(Records drawn from a dataset)
- Opening Delimiter -

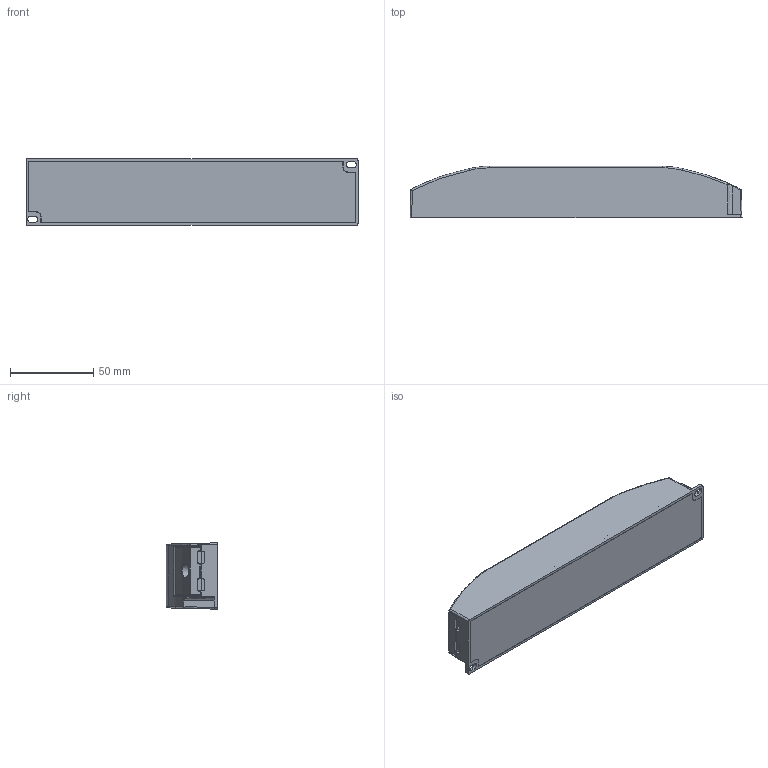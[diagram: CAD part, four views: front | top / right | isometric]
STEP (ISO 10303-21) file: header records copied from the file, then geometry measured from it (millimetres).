
FILE_DESCRIPTION(('HOOPS Exchange Step'),'2;1');
FILE_NAME('C:\Users\T.Zampieri\Documents\3 - OT\ELEMENT\ELEMENT 60 24V G2.stp','2019-12-04T11:22:53+01:00',('T.Zampieri'),('Unknown organisation'),'HOOPS Exchange 2018.2','HOOPS Exchange','Unknown authorisation');
FILE_SCHEMA( ('AUTOMOTIVE_DESIGN { 1 0 10303 214 1 1 1 1 }') );
Length unit declared in the file: millimetre
Products named in the file (1): Apri 28
Bounding box: 200 x 31 x 40 mm (x, y, z)
Volume: 46572.3 mm3; surface area: 67388.9 mm2
Topology: 4 solids, 4 shells, 888 faces, 2411 edges, 1543 vertices
Faces by surface type: bspline 888
Entity records: 28953 total; most frequent: CARTESIAN_POINT 14928, ORIENTED_EDGE 4800, EDGE_CURVE 2400, B_SPLINE_CURVE_WITH_KNOTS 1909, VERTEX_POINT 1543, EDGE_LOOP 923, FACE_BOUND 923, ADVANCED_FACE 888

- Closing Delimiter -

→ Work request
Print the records again exactly, without the pictures.

→ Task answer
[diagram: CAD part, four views: front | top / right | isometric]
STEP (ISO 10303-21) file: header records copied from the file, then geometry measured from it (millimetres).
FILE_DESCRIPTION(('HOOPS Exchange Step'),'2;1');
FILE_NAME('C:\Users\T.Zampieri\Documents\3 - OT\ELEMENT\ELEMENT 60 24V G2.stp','2019-12-04T11:22:53+01:00',('T.Zampieri'),('Unknown organisation'),'HOOPS Exchange 2018.2','HOOPS Exchange','Unknown authorisation');
FILE_SCHEMA( ('AUTOMOTIVE_DESIGN { 1 0 10303 214 1 1 1 1 }') );
Length unit declared in the file: millimetre
Products named in the file (1): Apri 28
Bounding box: 200 x 31 x 40 mm (x, y, z)
Volume: 46572.3 mm3; surface area: 67388.9 mm2
Topology: 4 solids, 4 shells, 888 faces, 2411 edges, 1543 vertices
Faces by surface type: bspline 888
Entity records: 28953 total; most frequent: CARTESIAN_POINT 14928, ORIENTED_EDGE 4800, EDGE_CURVE 2400, B_SPLINE_CURVE_WITH_KNOTS 1909, VERTEX_POINT 1543, EDGE_LOOP 923, FACE_BOUND 923, ADVANCED_FACE 888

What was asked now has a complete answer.